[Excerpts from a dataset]

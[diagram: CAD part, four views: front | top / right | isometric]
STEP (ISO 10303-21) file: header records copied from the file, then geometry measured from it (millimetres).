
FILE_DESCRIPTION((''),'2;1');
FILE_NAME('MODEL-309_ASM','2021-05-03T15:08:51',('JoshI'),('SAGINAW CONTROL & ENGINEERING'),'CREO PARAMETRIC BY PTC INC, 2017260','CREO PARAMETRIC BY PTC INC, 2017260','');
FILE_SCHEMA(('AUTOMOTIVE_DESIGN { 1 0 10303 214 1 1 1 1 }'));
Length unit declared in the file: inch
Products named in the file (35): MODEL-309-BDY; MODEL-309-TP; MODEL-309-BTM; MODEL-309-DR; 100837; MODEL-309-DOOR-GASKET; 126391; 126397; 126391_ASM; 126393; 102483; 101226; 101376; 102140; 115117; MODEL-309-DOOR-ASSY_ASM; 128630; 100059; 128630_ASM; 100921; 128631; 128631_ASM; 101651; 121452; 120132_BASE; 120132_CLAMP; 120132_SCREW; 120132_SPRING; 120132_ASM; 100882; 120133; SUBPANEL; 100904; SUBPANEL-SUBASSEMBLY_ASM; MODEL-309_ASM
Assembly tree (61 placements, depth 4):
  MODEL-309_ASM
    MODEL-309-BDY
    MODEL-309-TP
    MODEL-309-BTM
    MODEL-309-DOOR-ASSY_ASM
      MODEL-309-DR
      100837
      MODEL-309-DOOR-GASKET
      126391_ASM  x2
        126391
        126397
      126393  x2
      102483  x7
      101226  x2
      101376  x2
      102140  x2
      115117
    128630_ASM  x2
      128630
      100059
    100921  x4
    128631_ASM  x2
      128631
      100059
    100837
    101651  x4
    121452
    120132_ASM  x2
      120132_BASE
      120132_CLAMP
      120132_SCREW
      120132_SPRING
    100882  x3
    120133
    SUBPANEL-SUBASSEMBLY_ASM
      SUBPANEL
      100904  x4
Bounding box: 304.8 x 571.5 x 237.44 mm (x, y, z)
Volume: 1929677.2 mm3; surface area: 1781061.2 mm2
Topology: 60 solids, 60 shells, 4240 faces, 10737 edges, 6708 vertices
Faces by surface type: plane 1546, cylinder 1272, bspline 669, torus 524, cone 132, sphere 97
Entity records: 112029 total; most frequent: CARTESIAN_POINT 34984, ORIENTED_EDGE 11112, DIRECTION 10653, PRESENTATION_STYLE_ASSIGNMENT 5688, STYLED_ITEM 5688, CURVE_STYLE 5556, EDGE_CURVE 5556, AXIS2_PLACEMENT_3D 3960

PROBLEM REQUIREMENTS:
The records above should be copied out again in full, exactly as they appear.

SOLUTION:
[diagram: CAD part, four views: front | top / right | isometric]
STEP (ISO 10303-21) file: header records copied from the file, then geometry measured from it (millimetres).
FILE_DESCRIPTION((''),'2;1');
FILE_NAME('MODEL-309_ASM','2021-05-03T15:08:51',('JoshI'),('SAGINAW CONTROL & ENGINEERING'),'CREO PARAMETRIC BY PTC INC, 2017260','CREO PARAMETRIC BY PTC INC, 2017260','');
FILE_SCHEMA(('AUTOMOTIVE_DESIGN { 1 0 10303 214 1 1 1 1 }'));
Length unit declared in the file: inch
Products named in the file (35): MODEL-309-BDY; MODEL-309-TP; MODEL-309-BTM; MODEL-309-DR; 100837; MODEL-309-DOOR-GASKET; 126391; 126397; 126391_ASM; 126393; 102483; 101226; 101376; 102140; 115117; MODEL-309-DOOR-ASSY_ASM; 128630; 100059; 128630_ASM; 100921; 128631; 128631_ASM; 101651; 121452; 120132_BASE; 120132_CLAMP; 120132_SCREW; 120132_SPRING; 120132_ASM; 100882; 120133; SUBPANEL; 100904; SUBPANEL-SUBASSEMBLY_ASM; MODEL-309_ASM
Assembly tree (61 placements, depth 4):
  MODEL-309_ASM
    MODEL-309-BDY
    MODEL-309-TP
    MODEL-309-BTM
    MODEL-309-DOOR-ASSY_ASM
      MODEL-309-DR
      100837
      MODEL-309-DOOR-GASKET
      126391_ASM  x2
        126391
        126397
      126393  x2
      102483  x7
      101226  x2
      101376  x2
      102140  x2
      115117
    128630_ASM  x2
      128630
      100059
    100921  x4
    128631_ASM  x2
      128631
      100059
    100837
    101651  x4
    121452
    120132_ASM  x2
      120132_BASE
      120132_CLAMP
      120132_SCREW
      120132_SPRING
    100882  x3
    120133
    SUBPANEL-SUBASSEMBLY_ASM
      SUBPANEL
      100904  x4
Bounding box: 304.8 x 571.5 x 237.44 mm (x, y, z)
Volume: 1929677.2 mm3; surface area: 1781061.2 mm2
Topology: 60 solids, 60 shells, 4240 faces, 10737 edges, 6708 vertices
Faces by surface type: plane 1546, cylinder 1272, bspline 669, torus 524, cone 132, sphere 97
Entity records: 112029 total; most frequent: CARTESIAN_POINT 34984, ORIENTED_EDGE 11112, DIRECTION 10653, PRESENTATION_STYLE_ASSIGNMENT 5688, STYLED_ITEM 5688, CURVE_STYLE 5556, EDGE_CURVE 5556, AXIS2_PLACEMENT_3D 3960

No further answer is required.